What the Magness group found was a whole new level of variation in potential functions that had not previously been appreciated through mashing up biopsy samples.
The researchers explored all epithelial receptors – the cell surface proteins used to communicate with other cells and molecules and with the environment of the gut. Magness and colleagues could see which receptors were expressed the most and in which cell types, painting a new picture of how cells might interact with gut contents such as nutrients, microbes, toxins, and drugs.
“As far as we know, we’re the first to do this kind of analysis across the length of the human gut from three full donors,” Bliton said. “We can look at each cell type and predict which pharmaceuticals might affect which cell type individually.”
For instance, there’s a class of drugs to treat inflammatory bowel disease; they’re designed to hit specific targets, certain immune cells that trigger inflammation. But the Magness lab learned that some epithelial cells express the same genes as those in the immune cells that are intended to be the target. This finding indicates there could be “off-target” effects in epithelial cells that are not intended and could lead to side-effects.
“This was not known,” Burclaff said. “Lots of drugs have bad GI side effects. And it could be because the drugs are affecting individual cells along the entire length of the GI tract. We show where these receptors are most expressed and in which cell types.”
This kind of knowledge is just one outcome from the Magness lab’s initial study.
“We want the scientific, medical, and pharmaceutical community to use what we’ve found,” Magness said. “We adopted an analytic approach to methodically address each cell type, produce easy-to-read and accessible spreadsheets for most scientists, and show several examples of what we can be discovered with this kind of high resolution, precision approach.”
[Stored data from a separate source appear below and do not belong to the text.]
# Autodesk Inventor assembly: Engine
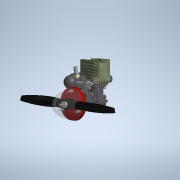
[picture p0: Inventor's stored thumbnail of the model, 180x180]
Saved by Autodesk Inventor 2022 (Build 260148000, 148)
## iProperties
Created: 2012-08
Part Number: Engine
Document SubType Name: Assembly
Designer: John
Author: John
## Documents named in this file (37)
- C:\Users\helfenj\Desktop\Ex_Files_Autodesk_Inventor_2022_Essential_Training\Exercise Files\03_Navigating the interface\03_01\Engine.iam
- C:\Users\helfenj\Desktop\Ex_Files_Autodesk_Inventor_2022_Essential_Training\Exercise Files\03_Navigating the interface\03_01\Engine Block.ipt
- C:\Users\helfenj\Desktop\Ex_Files_Autodesk_Inventor_2022_Essential_Training\Exercise Files\03_Navigating the interface\03_01\Crankshaft.ipt
- C:\Users\helfenj\Desktop\Ex_Files_Autodesk_Inventor_2022_Essential_Training\Exercise Files\03_Navigating the interface\03_01\Pulley Shaft.ipt
- C:\Users\helfenj\Desktop\Ex_Files_Autodesk_Inventor_2022_Essential_Training\Exercise Files\03_Navigating the interface\03_01\Sleeve.ipt
- C:\Users\helfenj\Desktop\Ex_Files_Autodesk_Inventor_2022_Essential_Training\Exercise Files\03_Navigating the interface\03_01\Piston Shaft.ipt
- C:\Users\helfenj\Desktop\Ex_Files_Autodesk_Inventor_2022_Essential_Training\Exercise Files\03_Navigating the interface\03_01\Piston.ipt
- C:\Users\helfenj\Desktop\Ex_Files_Autodesk_Inventor_2022_Essential_Training\Exercise Files\03_Navigating the interface\03_01\Piston Pin.ipt
- C:\Users\helfenj\Desktop\Ex_Files_Autodesk_Inventor_2022_Essential_Training\Exercise Files\03_Navigating the interface\03_01\Crank Arm.ipt
- C:\Users\helfenj\Desktop\Ex_Files_Autodesk_Inventor_2022_Essential_Training\Exercise Files\03_Navigating the interface\03_01\Face Plate.ipt
- C:\Users\helfenj\Desktop\Ex_Files_Autodesk_Inventor_2022_Essential_Training\Exercise Files\03_Navigating the interface\03_01\washer4.ipt
- C:\Users\helfenj\Desktop\Ex_Files_Autodesk_Inventor_2022_Essential_Training\Exercise Files\03_Navigating the interface\03_01\Screw Lock.ipt
- C:\Users\helfenj\Desktop\Ex_Files_Autodesk_Inventor_2022_Essential_Training\Exercise Files\03_Navigating the interface\03_01\Beveled Sleeve.ipt
- C:\Users\helfenj\Desktop\Ex_Files_Autodesk_Inventor_2022_Essential_Training\Exercise Files\03_Navigating the interface\03_01\Clutch Housing.ipt
- C:\Users\helfenj\Desktop\Ex_Files_Autodesk_Inventor_2022_Essential_Training\Exercise Files\03_Navigating the interface\03_01\Brake Pad.ipt
- C:\Users\helfenj\Desktop\Ex_Files_Autodesk_Inventor_2022_Essential_Training\Exercise Files\03_Navigating the interface\03_01\Clutch Sleeve14.ipt
- C:\Users\helfenj\Desktop\Ex_Files_Autodesk_Inventor_2022_Essential_Training\Exercise Files\03_Navigating the interface\03_01\Clutch Bearing.ipt
- C:\Users\helfenj\Desktop\Ex_Files_Autodesk_Inventor_2022_Essential_Training\Exercise Files\03_Navigating the interface\03_01\Clutch Sleeve11.ipt
- C:\Users\helfenj\Desktop\Ex_Files_Autodesk_Inventor_2022_Essential_Training\Exercise Files\03_Navigating the interface\03_01\Carburetor.iam
- C:\Users\helfenj\Desktop\Ex_Files_Autodesk_Inventor_2022_Essential_Training\Exercise Files\03_Navigating the interface\03_01\Heat Sink.ipt
- C:\Users\helfenj\Desktop\Ex_Files_Autodesk_Inventor_2022_Essential_Training\Exercise Files\03_Navigating the interface\03_01\Starter Cover.ipt
- C:\Users\helfenj\Desktop\Ex_Files_Autodesk_Inventor_2022_Essential_Training\Exercise Files\03_Navigating the interface\03_01\Horseshoe Clip.ipt
- C:\Users\helfenj\Desktop\Ex_Files_Autodesk_Inventor_2022_Essential_Training\Exercise Files\03_Navigating the interface\03_01\ANSI B18.3 - 3-48 UNC - 0.375(31).ipt
- C:\Users\helfenj\Desktop\Ex_Files_Autodesk_Inventor_2022_Essential_Training\Exercise Files\03_Navigating the interface\03_01\ANSI B18.3 - 2-56 UNC - 0.375(31).ipt
- C:\Users\helfenj\Desktop\Ex_Files_Autodesk_Inventor_2022_Essential_Training\Exercise Files\03_Navigating the interface\03_01\Muffler.ipt
- C:\Users\helfenj\Desktop\Ex_Files_Autodesk_Inventor_2022_Essential_Training\Exercise Files\03_Navigating the interface\03_01\ANSI B18.3 - 4-40 UNC - 0.875(31).ipt
- C:\Users\helfenj\Desktop\Ex_Files_Autodesk_Inventor_2022_Essential_Training\Exercise Files\03_Navigating the interface\03_01\Muffler Tip.ipt
- C:\Users\helfenj\Desktop\Ex_Files_Autodesk_Inventor_2022_Essential_Training\Exercise Files\03_Navigating the interface\03_01\Starter Handle.ipt
- C:\Users\helfenj\Desktop\Ex_Files_Autodesk_Inventor_2022_Essential_Training\Exercise Files\03_Navigating the interface\03_01\ANSI B18.3 - 1-64 UNC - UNC - 0.25(1).ipt
- C:\Users\helfenj\Desktop\Ex_Files_Autodesk_Inventor_2022_Essential_Training\Exercise Files\03_Navigating the interface\03_01\Clutch Prop Mount.ipt
- C:\Users\helfenj\Desktop\Ex_Files_Autodesk_Inventor_2022_Essential_Training\Exercise Files\03_Navigating the interface\03_01\Prop Mount.ipt
- C:\Users\helfenj\Desktop\Ex_Files_Autodesk_Inventor_2022_Essential_Training\Exercise Files\03_Navigating the interface\03_01\Prop.ipt
- C:\Users\helfenj\Desktop\Ex_Files_Autodesk_Inventor_2022_Essential_Training\Exercise Files\03_Navigating the interface\03_01\Cone.ipt
- C:\Users\helfenj\Desktop\Ex_Files_Autodesk_Inventor_2022_Essential_Training\Exercise Files\03_Navigating the interface\03_01\Crankshaft Cover.ipt
- C:\Users\helfenj\Desktop\Ex_Files_Autodesk_Inventor_2022_Essential_Training\Exercise Files\03_Navigating the interface\03_01\ANSI B18.3 - 10-24 UNC - UNC - 0.5(1).ipt
- C:\Users\helfenj\Desktop\Ex_Files_Autodesk_Inventor_2022_Essential_Training\Exercise Files\03_Navigating the interface\03_01\ANSI B18.2.2 - 1_4 - 20(3).ipt
- C:\Users\helfenj\Desktop\Ex_Files_Autodesk_Inventor_2022_Essential_Training\Exercise Files\03_Navigating the interface\03_01\ASME B18.21.1 - No. 10. Carbon Steel(4).ipt
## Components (50 placed, 36 different names)
1. Engine Block:1 — Mate:1, Mate:2, Insert:1, Mate:8, Insert:2, Mate:16, Mate:21, Flush:1, Mate:42, Angle:1, Mate:43, Mate:47, Mate:49, Mate:50, Mate:51, Mate:57, Mate:58, Mate:59, Flush:3
2. Crankshaft:1 — Mate:1, Mate:2, Mate:3, Mate:4, Mate:11, Mate:13, Mate:23, Mate:24, Mate:25, Angle:6, DRIVE THIS
3. Pulley Shaft:1 — Mate:3, Mate:4, Mate:7, Mate:17, Mate:18, Mate:19
4. Sleeve:1 — Mate:7, Mate:20
5. Piston Shaft:1 — Insert:1, Mate:8, Mate:12, Mate:48
6. Piston:1 — Mate:10, Mate:12, Mate:14, Mate:15
7. Piston Pin:1 — Mate:9, Mate:10, Mate:14, Mate:15
8. Crank Arm:1 — Mate:9, Mate:11, Mate:13
9. Face Plate:1 — Insert:2, Mate:16, Mate:17, Mate:52, Mate:60, Mate:61, DRIVE THIS
10. washer4:1 — Mate:18, Mate:19, Mate:20
11. Screw Lock:1 — Mate:21, Flush:1
12. Beveled Sleeve:1 — Mate:23, Flush:2
13. Clutch Housing:1 — Mate:24, Flush:2, Mate:27, Mate:29, Mate:30, Mate:31, Mate:32, Mate:47
14. Brake Pad:1 — Mate:31, Mate:32, Tangent:2
15. Brake Pad:2 — Mate:29, Mate:30, Tangent:1, Mate:41
16. Clutch Sleeve14:1 — Mate:25, Mate:27, Mate:33, Mate:34, Mate:37, Mate:39, Mate:53, Mate:54
17. Clutch Bearing:1 — Mate:33, Mate:35
18. Clutch Prop Mount:1 — Mate:34, Mate:35, Tangent:1, Tangent:2, Mate:38, Mate:41, Mate:62, Mate:63, Mate:68
19. Clutch Bearing:2 — Mate:37, Mate:38, Mate:40
20. Clutch Sleeve11:1 — Mate:39, Mate:40
21. Carburetor:1 [sub-assembly] — Mate:42, Angle:1, Mate:43
22. Heat Sink:1 — Mate:48, Mate:49, Mate:50, Mate:51
23. Starter Cover:1 — Mate:52, Mate:60, Mate:61, Insert:13
24. Horseshoe Clip:1 — Mate:53, Mate:54
25. Muffler Tip:1 — Mate:55, Angle:2, Mate:56
26. Muffler:1 — Mate:55, Angle:2, Mate:56, Mate:57, Mate:58, Mate:59
27. Starter Handle:1 — Insert:13
28. Hexagon Socket Head Cap Screw - Inch No. 3 - 48 UNC - 3/8:1
29. Hexagon Socket Head Cap Screw - Inch No. 3 - 48 UNC - 3/8:2
30. Hexagon Socket Head Cap Screw - Inch No. 3 - 48 UNC - 3/8:3
31. Hexagon Socket Head Cap Screw - Inch No. 3 - 48 UNC - 3/8:4
32. Hexagon Socket Head Cap Screw - Inch No. 2 - 56 UNC - 3/8:1
33. Hexagon Socket Head Cap Screw - Inch No. 2 - 56 UNC - 3/8:2
34. Hexagon Socket Head Cap Screw - Inch No. 2 - 56 UNC - 3/8:3
35. Hexagon Socket Head Cap Screw - Inch No. 2 - 56 UNC - 3/8:4
36. Hexagon Socket Head Cap Screw - Inch No. 4 - 40 UNC - 7/8:1
37. Hexagon Socket Head Cap Screw - Inch No. 4 - 40 UNC - 7/8:2
38. Hexagon Socket Button Head Cap Screw - Inch 1 - 64 x 1/4:1
39. Hexagon Socket Button Head Cap Screw - Inch 1 - 64 x 1/4:2
40. Hexagon Socket Button Head Cap Screw - Inch 1 - 64 x 1/4:3
41. Hexagon Socket Button Head Cap Screw - Inch 1 - 64 x 1/4:4
42. Prop Mount:1 — Mate:62, Mate:63, Mate:64, Mate:65, Mate:66, Mate:67, Angle:4
43. Prop:1 — Mate:64, Mate:65, Angle:4, Mate:68, Angle:5, Angle:6
44. Cone:1 — Mate:66, Mate:67, Angle:5
45. Crankshaft Cover:1 — Flush:3
46. Hexagon Socket Button Head Cap Screw - Inch 10 - 24 x 1/2:1
47. Hexagon Socket Button Head Cap Screw - Inch 10 - 24 x 1/2:2
48. Hexagon Socket Button Head Cap Screw - Inch 10 - 24 x 1/2:3
49. External Tooth Lock Washer - Type A (Inch) No. 10. Carbon Steel:1 — Mate:70
50. Hex Jam Nut - Inch 1/4 - 20:1 — Mate:70
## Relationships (74: Mate 60, Angle 6, Insert 3, Flush 3, Tangent 2)
- Mate:1: Engine Block:1 ↔ Crankshaft:1
- Mate:2: Engine Block:1 ↔ Crankshaft:1
- Mate:3: Crankshaft:1 ↔ Pulley Shaft:1
- Mate:4: Crankshaft:1 ↔ Pulley Shaft:1
- Mate:7: Pulley Shaft:1 ↔ Sleeve:1
- Insert:1: Engine Block:1 ↔ Piston Shaft:1
- Mate:8: Engine Block:1 ↔ Piston Shaft:1
- Mate:9: Piston Pin:1 ↔ Crank Arm:1
- Mate:10: Piston:1 ↔ Piston Pin:1
- Mate:11: Crankshaft:1 ↔ Crank Arm:1
- Mate:12: Piston Shaft:1 ↔ Piston:1
- Mate:13: Crankshaft:1 ↔ Crank Arm:1
- Mate:14: Piston:1 ↔ Piston Pin:1
- Mate:15: Piston:1 ↔ Piston Pin:1
- Insert:2: Engine Block:1 ↔ Face Plate:1
- Mate:16: Engine Block:1 ↔ Face Plate:1
- Mate:17: Pulley Shaft:1 ↔ Face Plate:1
- Mate:18: Pulley Shaft:1 ↔ washer4:1
- Mate:19: Pulley Shaft:1 ↔ washer4:1
- Mate:20: Sleeve:1 ↔ washer4:1
- Mate:21: Engine Block:1 ↔ Screw Lock:1
- Flush:1: Engine Block:1 ↔ Screw Lock:1
- Mate:23: Crankshaft:1 ↔ Beveled Sleeve:1
- Mate:24: Crankshaft:1 ↔ Clutch Housing:1
- Flush:2: Beveled Sleeve:1 ↔ Clutch Housing:1
- Mate:25: Crankshaft:1 ↔ Clutch Sleeve14:1
- Mate:27: Clutch Housing:1 ↔ Clutch Sleeve14:1
- Mate:29: Clutch Housing:1 ↔ Brake Pad:2
- Mate:30: Clutch Housing:1 ↔ Brake Pad:2
- Mate:31: Clutch Housing:1 ↔ Brake Pad:1
- Mate:32: Clutch Housing:1 ↔ Brake Pad:1
- Mate:33: Clutch Sleeve14:1 ↔ Clutch Bearing:1
- Mate:34: Clutch Sleeve14:1 ↔ Clutch Prop Mount:1
- Mate:35: Clutch Bearing:1 ↔ Clutch Prop Mount:1
- Tangent:1: Brake Pad:2 ↔ Clutch Prop Mount:1
- Tangent:2: Brake Pad:1 ↔ Clutch Prop Mount:1
- Mate:37: Clutch Sleeve14:1 ↔ Clutch Bearing:2
- Mate:38: Clutch Prop Mount:1 ↔ Clutch Bearing:2
- Mate:39: Clutch Sleeve14:1 ↔ Clutch Sleeve11:1
- Mate:40: Clutch Bearing:2 ↔ Clutch Sleeve11:1
- Mate:41: Brake Pad:2 ↔ Clutch Prop Mount:1
- Mate:42: Engine Block:1 ↔ Carburetor:1
- Angle:1: Engine Block:1 ↔ Carburetor:1
- Mate:43: Engine Block:1 ↔ Carburetor:1
- Mate:47: Engine Block:1 ↔ Clutch Housing:1
- Mate:48: Piston Shaft:1 ↔ Heat Sink:1
- Mate:49: Engine Block:1 ↔ Heat Sink:1
- Mate:50: Engine Block:1 ↔ Heat Sink:1
- Mate:51: Engine Block:1 ↔ Heat Sink:1
- Mate:52: Face Plate:1 ↔ Starter Cover:1
- Mate:53: Clutch Sleeve14:1 ↔ Horseshoe Clip:1
- Mate:54: Clutch Sleeve14:1 ↔ Horseshoe Clip:1
- Mate:55: Muffler Tip:1 ↔ Muffler:1
- Angle:2: Muffler Tip:1 ↔ Muffler:1
- Mate:56: Muffler Tip:1 ↔ Muffler:1
- Mate:57: Engine Block:1 ↔ Muffler:1
- Mate:58: Engine Block:1 ↔ Muffler:1
- Mate:59: Engine Block:1 ↔ Muffler:1
- Mate:60: Face Plate:1 ↔ Starter Cover:1
- Mate:61: Face Plate:1 ↔ Starter Cover:1
- Insert:13: Starter Cover:1 ↔ Starter Handle:1
- Angle:6: Crankshaft:1 ↔ Prop:1
- DRIVE THIS [Angle]: Crankshaft:1 ↔ Face Plate:1
- Mate:62: Clutch Prop Mount:1 ↔ Prop Mount:1
- Mate:63: Clutch Prop Mount:1 ↔ Prop Mount:1
- Mate:64: Prop Mount:1 ↔ Prop:1
- Mate:65: Prop Mount:1 ↔ Prop:1
- Mate:66: Prop Mount:1 ↔ Cone:1
- Mate:67: Prop Mount:1 ↔ Cone:1
- Angle:4: Prop Mount:1 ↔ Prop:1
- Mate:68: Clutch Prop Mount:1 ↔ Prop:1
- Angle:5: Prop:1 ↔ Cone:1
- Flush:3: Engine Block:1 ↔ Crankshaft Cover:1
- Mate:70: External Tooth Lock Washer - Type A (Inch) No. 10. Carbon Steel:1 ↔ Hex Jam Nut - Inch 1/4 - 20:1

Funding for this research came from the National Institutes of Health, the Katherine E. Bullard Charitable Trust, the Crohn’s and Colitis Foundation, and the University Cancer Research Fund at UNC-Chapel Hill.
Aside from the aforementioned researchers, other authors are Keith Breau, Meryem Ok, Ismael Gomez-Martinez, Jolene Ranek, Aadra Bhatt, Jeremy Purvis, and John Woosley, all at UNC-Chapel Hill.
UNC School of Medicine contact: Mark Derewicz
Image 1: The Magness Group fluorescently stained mucin proteins which contribute to the mucus layer that protects the colon. Here, thin sections of fixed human colon are stained for two different mucin proteins: MUC2 in green and MUC5B in red, with all nuclei in blue. This shows that the mucus content likely differs between the bottoms and the tops of the colon crypts and confirmed their results from the single cell gene sequencing.
Image 2: The Magness group fluorescently stained proteins in thin section of human small intestine. They found that CFTR, a gene involved in cystic fibrosis (stained green), and FKBP1A, a target of pharmaceuticals intended to affect immune cells (stained red), are both present in a cell type within the human intestinal lining, confirming their results from the single cell gene sequencing.